Долли между тем занялась уже уголками своего фартука, измерила его в ширину и длину, потом разгладила на нем каждую складочку и все время молчала так же, как Джо. Наконец после длительной паузы Джо стал прощаться.

– До свиданья, – сказала ему Долли с милой улыбкой, таким тоном, словно Джо уходил не дальше соседней улицы и должен был вернуться к ужину. – До свиданья!

– Ну, Долли, – Джо протянул к ней обе руки. – Дорогая Долли, неужели мы так расстанемся? Я вас люблю, люблю всем сердцем, искренне и горячо, как только может мужчина любить женщину. Вы знаете, я бедняк и сейчас еще беднее, чем прежде, потому что я убежал из дому, где мне уже стало невтерпеж, и должен сам, без чужой помощи, пробивать себе дорогу. А вы – красавица, все вас любят и восхищаются вами, вы счастливы и не знаете забот о завтрашнем дне. И дай бог, чтобы так было всегда! Я не простил бы себе, если бы сделал вас несчастной. Но скажите же мне в утешение хоть одно ласковое словечко! Разумеется, я не имею никакого права требовать этого от вас, а только прошу, потому что люблю вас, и самое коротенькое ваше слово буду всю жизнь хранить как сокровище. Долли, родная, неужто вам так-таки нечего мне сказать?

Никакого ответа. Долли была кокетка и балованный ребенок. Она вовсе не желала, чтобы ее вот так взяли штурмом. Каретник на месте Джо заливался бы слезами, упал бы на колени и, проклиная себя, ломал бы руки, или бил себя в грудь и рвал на себе шейный платок, словом, делал бы все, как полагается в романах. А Джо… он смеет уезжать за границу так спокойно, как ни в чем не бывало! Если бы он, как влюбленный каретник, был скован несокрушимыми цепями, он не стал бы этого делать!

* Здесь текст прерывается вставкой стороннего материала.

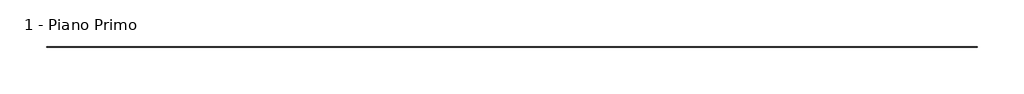
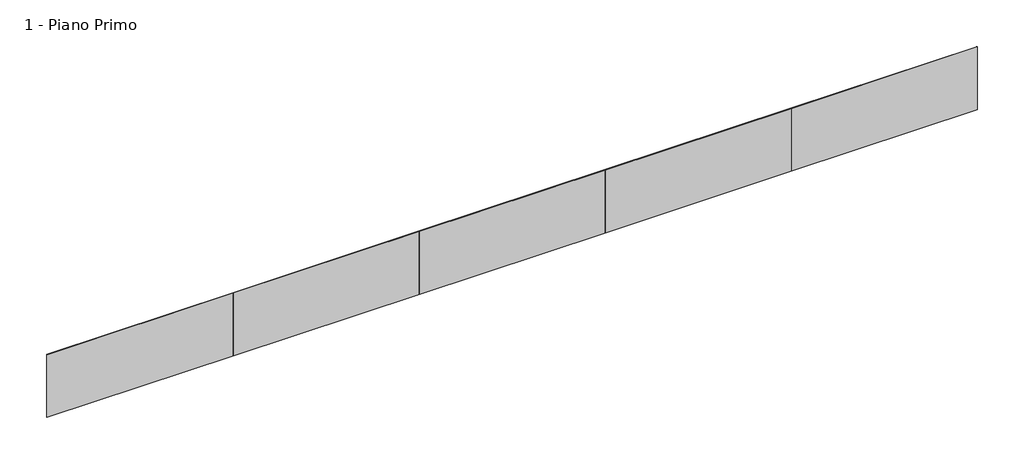
# One storey: 5 plates.
"""IFC4 building model written with IfcOpenShell, lengths in millimetres."""

import ifcopenshell
import ifcopenshell.guid

model = None  # the IFC model being written
_history = None  # IfcOwnerHistory: only IFC2X3 demands one
_inside = {}  # id of a spatial element -> (the spatial element, [elements in it])
_under = {}  # id of a project, library or spatial element -> (it, [spatial elements below it])
_declared = {}  # id of a project -> (the project, [libraries it declares])
_typed = {}  # id of a type object -> (the type object, [elements of that type])
_made_of = {}  # id of a material, layer set ... -> (it, [elements and type objects made of it])


def new_model(schema):
    """Start an empty IFC model of exactly this schema.

    Asked for "IFC4X3", IfcOpenShell would pick the latest addendum, in which some entities
    have other attributes; the version numbers below select the first issue.
    IFC2X3 requires an IfcOwnerHistory on every rooted entity: one is made here for all.
    """
    global model, _history
    if schema == "IFC4X3":
        model = ifcopenshell.file(schema_version=(4, 3, 0, 0))
    else:
        model = ifcopenshell.file(schema=schema)
    _inside.clear()
    _under.clear()
    _declared.clear()
    _typed.clear()
    _made_of.clear()
    _history = None
    if model.schema == "IFC2X3":
        org = make("IfcOrganization", Name="unknown")
        user = make(
            "IfcPersonAndOrganization",
            ThePerson=make("IfcPerson", FamilyName="unknown"),
            TheOrganization=org,
        )
        app = make(
            "IfcApplication",
            ApplicationDeveloper=org,
            Version="unknown",
            ApplicationFullName="unknown",
            ApplicationIdentifier="unknown",
        )
        _history = make(
            "IfcOwnerHistory",
            OwningUser=user,
            OwningApplication=app,
            ChangeAction="ADDED",
            CreationDate=0,
        )
    return model


def make(cls, **values):
    """One entity of the class cls with the attributes given. An attribute that is None is left unset."""
    return model.create_entity(
        cls, **{name: value for name, value in values.items() if value is not None}
    )


def rooted(cls, **values):
    """An entity with a GlobalId (a new one), such as an element, a storey or a relation."""
    return make(cls, GlobalId=ifcopenshell.guid.new(), OwnerHistory=_history, **values)


def si_unit(unit_type, name, prefix=None):
    """IfcSIUnit, for example si_unit("LENGTHUNIT", "METRE", prefix="MILLI")."""
    return make("IfcSIUnit", UnitType=unit_type, Prefix=prefix, Name=name)


def assignment(units):
    """IfcUnitAssignment: the units of a project."""
    return None if units is None else make("IfcUnitAssignment", Units=units)


def point(xyz):
    """IfcCartesianPoint."""
    return None if xyz is None else make("IfcCartesianPoint", Coordinates=xyz)


def direction(xyz):
    """IfcDirection."""
    return None if xyz is None else make("IfcDirection", DirectionRatios=xyz)


def frame(location, z_axis=None, x_axis=None):
    """IfcAxis2Placement3D, a coordinate frame: its origin and axes. An axis left out is left unset."""
    return make(
        "IfcAxis2Placement3D",
        Location=point(location),
        Axis=direction(z_axis),
        RefDirection=direction(x_axis),
    )


def origin():
    """The frame at (0, 0, 0) with its axes left unset."""
    return frame((0.0, 0.0, 0.0))


def origin_with_axes():
    """The frame at (0, 0, 0) with the z axis (0, 0, 1) and the x axis (1, 0, 0) written out."""
    return frame((0.0, 0.0, 0.0), z_axis=(0.0, 0.0, 1.0), x_axis=(1.0, 0.0, 0.0))


def place(relative_to, where):
    """IfcLocalPlacement: puts the frame where relative to a parent placement (None: the world)."""
    return make(
        "IfcLocalPlacement", PlacementRelTo=relative_to, RelativePlacement=where
    )


def context(
    kind, dimensions, precision=None, world=None, true_north=None, identifier=None
):
    """IfcGeometricRepresentationContext, for example the 3D "Model" context."""
    return make(
        "IfcGeometricRepresentationContext",
        ContextIdentifier=identifier,
        ContextType=kind,
        CoordinateSpaceDimension=dimensions,
        Precision=precision,
        WorldCoordinateSystem=world,
        TrueNorth=true_north,
    )


def project(units=None, contexts=None):
    """IfcProject with its units and contexts."""
    return rooted(
        "IfcProject",
        Name="project",
        RepresentationContexts=contexts,
        UnitsInContext=assignment(units),
    )


def spatial(cls, under=None, at=None, **own):
    """A site, building, storey or space (cls), placed at a placement, below another one or the project."""
    s = rooted(cls, ObjectPlacement=at, **own)
    if under is not None:
        _under.setdefault(under.id(), (under, []))[1].append(s)
    return s


def polyline(points):
    """IfcPolyline through the points."""
    return make("IfcPolyline", Points=[point(p) for p in points])


def outline(outer, holes=None, kind="AREA"):
    """IfcArbitraryClosedProfileDef: a profile drawn as a closed curve; with holes, ...WithVoids."""
    if holes is None:
        return make("IfcArbitraryClosedProfileDef", ProfileType=kind, OuterCurve=outer)
    return make(
        "IfcArbitraryProfileDefWithVoids",
        ProfileType=kind,
        OuterCurve=outer,
        InnerCurves=holes,
    )


def extrude(swept, where, along, depth):
    """IfcExtrudedAreaSolid: the profile swept, set in the frame where, extruded along a direction by depth."""
    return make(
        "IfcExtrudedAreaSolid",
        SweptArea=swept,
        Position=where,
        ExtrudedDirection=direction(along),
        Depth=depth,
    )


def shape(context_of_items, identifier, shape_type, items):
    """IfcShapeRepresentation: the items that make up one representation, for example the "Body"."""
    return make(
        "IfcShapeRepresentation",
        ContextOfItems=context_of_items,
        RepresentationIdentifier=identifier,
        RepresentationType=shape_type,
        Items=items,
    )


def source(mapping_origin, context_of_items, identifier, shape_type, items):
    """IfcRepresentationMap: a shape defined once, which mapped items show again and again."""
    return make(
        "IfcRepresentationMap",
        MappingOrigin=mapping_origin,
        MappedRepresentation=shape(context_of_items, identifier, shape_type, items),
    )


def transform(
    local_origin,
    x_axis=None,
    y_axis=None,
    z_axis=None,
    scale=None,
    scale2=None,
    scale3=None,
    uniform=True,
):
    """IfcCartesianTransformationOperator3D, or its non-uniform kind. x_axis, y_axis, z_axis: its Axis1, 2, 3."""
    if uniform:
        return make(
            "IfcCartesianTransformationOperator3D",
            Axis1=direction(x_axis),
            Axis2=direction(y_axis),
            LocalOrigin=point(local_origin),
            Scale=scale,
            Axis3=direction(z_axis),
        )
    return make(
        "IfcCartesianTransformationOperator3DnonUniform",
        Axis1=direction(x_axis),
        Axis2=direction(y_axis),
        LocalOrigin=point(local_origin),
        Scale=scale,
        Axis3=direction(z_axis),
        Scale2=scale2,
        Scale3=scale3,
    )


def mapped(mapping_source, mapping_target):
    """IfcMappedItem: shows the shape of a source again, moved by a transform."""
    return make(
        "IfcMappedItem", MappingSource=mapping_source, MappingTarget=mapping_target
    )


def made_of(thing, what):
    """Note that an element or type object is made of a material, layer set ...; save() writes the relation."""
    if what is not None:
        _made_of.setdefault(what.id(), (what, []))[1].append(thing)
    return thing


def element(
    cls,
    number,
    at=None,
    inside=None,
    cuts=None,
    type_object=None,
    material=None,
    context=None,
    identifier="Body",
    shape_type=None,
    held_by="IfcProductDefinitionShape",
    body=None,
    shapes=None,
    **own,
):
    """One element of the class cls, such as IfcWall. Its Tag is "e" and its number.

    at: its placement. inside: the storey or other place that contains it. cuts: it is an
    opening in that element (IfcRelVoidsElement). A single representation is given by context,
    identifier, shape_type and body (its items); several are given by shapes. held_by: the class
    of the entity that holds the representations. save() writes the other relations.
    """
    e = rooted(cls, Tag="e%d" % number, ObjectPlacement=at, **own)
    if body is not None:
        shapes = [shape(context, identifier, shape_type, body)]
    if shapes is not None:
        e.Representation = make(held_by, Representations=shapes)
    if inside is not None:
        _inside.setdefault(inside.id(), (inside, []))[1].append(e)
    if cuts is not None:
        rooted(
            "IfcRelVoidsElement", RelatingBuildingElement=cuts, RelatedOpeningElement=e
        )
    if type_object is not None:
        _typed.setdefault(type_object.id(), (type_object, []))[1].append(e)
    return made_of(e, material)


def aggregate(whole, parts):
    """IfcRelAggregates: a whole, such as a stair, and the parts it consists of."""
    return rooted("IfcRelAggregates", RelatingObject=whole, RelatedObjects=parts)


def save(model, path):
    """Write the relations noted so far, then the file.

    IfcRelAggregates (storeys below a building ...), IfcRelContainedInSpatialStructure (elements
    in a storey), IfcRelDefinesByType, IfcRelAssociatesMaterial and IfcRelDeclares: one each for
    every whole, place, type object, material and project.
    """
    for whole, parts in _under.values():
        aggregate(whole, parts)
    for where, things in _inside.values():
        rooted(
            "IfcRelContainedInSpatialStructure",
            RelatedElements=things,
            RelatingStructure=where,
        )
    for kind, things in _typed.values():
        rooted("IfcRelDefinesByType", RelatedObjects=things, RelatingType=kind)
    for what, things in _made_of.values():
        rooted("IfcRelAssociatesMaterial", RelatedObjects=things, RelatingMaterial=what)
    for by, libraries in _declared.values():
        rooted("IfcRelDeclares", RelatingContext=by, RelatedDefinitions=libraries)
    model.write(path)


def pannello_sistema_vetrato_29ff3466(model_context):
    return source(origin(), model_context, "Body", "SweptSolid", [
        extrude(outline(polyline([(4200.0000001, -15.0), (-4200.0000001, -15.0), (-4200.0000001, 15.0), (4200.0000001, 15.0), (4200.0000001, -15.0)])), origin_with_axes(), (0.0, 0.0, 1.0), 3000.0),
    ])


model = new_model("IFC4")

# Units and contexts
model_context = context("Model", 3, world=origin())
ifc_project = project(units=[si_unit("LENGTHUNIT", "METRE", prefix="MILLI")], contexts=[model_context])

# Site, building, storey
site = spatial("IfcSite", under=ifc_project)
building = spatial("IfcBuilding", under=site)
storey = spatial("IfcBuildingStorey", under=building, Name="1 - Piano Primo", Elevation=3000.0)

# Plates
placement = place(None, origin())
pannello_sistema_vetrato_shape = pannello_sistema_vetrato_29ff3466(model_context)
element("IfcPlate", 1, ObjectType="Pannello sistema : Vetrato", at=placement, inside=storey, context=model_context, shape_type="MappedRepresentation", body=[
    mapped(pannello_sistema_vetrato_shape, transform((-20934.9893485, 13197.4454735, 3000.0), x_axis=(1.0, 0.0, 0.0), y_axis=(0.0, 1.0, 0.0), z_axis=(0.0, 0.0, 1.0))),
])
element("IfcPlate", 2, ObjectType="Pannello sistema : Vetrato", at=placement, inside=storey, context=model_context, shape_type="MappedRepresentation", body=[
    mapped(pannello_sistema_vetrato_shape, transform((-12534.9893485, 13197.4454735, 3000.0), x_axis=(1.0, 0.0, 0.0), y_axis=(0.0, 1.0, 0.0), z_axis=(0.0, 0.0, 1.0))),
])
element("IfcPlate", 3, ObjectType="Pannello sistema : Vetrato", at=placement, inside=storey, context=model_context, shape_type="MappedRepresentation", body=[
    mapped(pannello_sistema_vetrato_shape, transform((-4134.9893486, 13197.4454735, 3000.0), x_axis=(1.0, 0.0, 0.0), y_axis=(0.0, 1.0, 0.0), z_axis=(0.0, 0.0, 1.0))),
])
element("IfcPlate", 4, ObjectType="Pannello sistema : Vetrato", at=placement, inside=storey, context=model_context, shape_type="MappedRepresentation", body=[
    mapped(pannello_sistema_vetrato_shape, transform((4265.0106513, 13197.4454735, 3000.0), x_axis=(1.0, 0.0, 0.0), y_axis=(0.0, 1.0, 0.0), z_axis=(0.0, 0.0, 1.0))),
])
element("IfcPlate", 5, ObjectType="Pannello sistema : Vetrato", at=placement, inside=storey, context=model_context, shape_type="MappedRepresentation", body=[
    mapped(pannello_sistema_vetrato_shape, transform((12665.0106513, 13197.4454735, 3000.0), x_axis=(1.0, 0.0, 0.0), y_axis=(0.0, 1.0, 0.0), z_axis=(0.0, 0.0, 1.0))),
])

save(model, "model.ifc")

# Revit data of these elements
# Type "Pannello sistema : Vetrato"
#   Construction Type Id = "GSP4R"
#   Analytic Construction = "Vetrata singola Pilkington 1/8 in"
#   Visual Light Transmittance = 0.9
#   Solar Heat Gain Coefficient = 0.86
#   Heat Transfer Coefficient (U) = 6.7069 W/(m²·K)
# Elements 1, 2, 3, 4, 5 (IfcPlate, "Pannello sistema : Vetrato")
#   Phase Created = Stato di Progetto
#   Materials on its faces: "Default - Vetro"
# Materials
#   "Default - Vetro": class "Vetro", colour RGB 208 208 208, transparency 0.7, Cost = 0

– Да я уже два раза сказала вам «прощайте». Чего же вам еще? Сейчас же уберите вашу руку, мистер Джозеф, не то я позову Миггс.

– Не буду вас упрекать, – промолвил Джо. – Наверное, я сам во всем виноват. Мне казалось иногда, что вы меня не презираете, но глупо было с моей стороны думать так. Каждый, кто знает, как я жил до сих пор, не может не презирать меня, а вы в особенности. Прощайте, дай вам бог счастья!

Он ушел, ушел совсем! Долли подождала немного, думая, что он вернется, осторожно выглянула за дверь, окинула взглядом улицу с одного ее конца до другого, насколько позволяла темнота, потом вошла в дом, подождала еще и пошла наверх, мурлыча песенку. Очутившись у себя в комнате, она заперлась и, упав на постель, долго плакала, так горько, словно у нее разрывалось сердце. Однако такие натуры сотканы из противоречий и если бы Джо Уиллет вернулся в тот же вечер, или на другой день, через неделю или через месяц, – держу пара на сто против одного, что она встретила бы его не лучше, чем проводила, а потом рыдала бы так же отчаянно.

Как только Долли вышла из мастерской, из-за трубы горна опасливо высунулась голова. Голова эта и раньше незаметно высовывалась раза два из своего укрытия, теперь же ее обладатель, убедившись, что он один, высунул ногу, затем плечо, и так, постепенно, вся фигура мистера Тэппертита оказалась на виду, увенчанная небрежно заломленным набекрень колпаком из оберточной бумаги. Подбоченясь, мистер Тэппертит произнес вслух:

– Что это, я ослышался? Или спал и видел все во сне? Благодарить мне тебя, судьба, или проклинать?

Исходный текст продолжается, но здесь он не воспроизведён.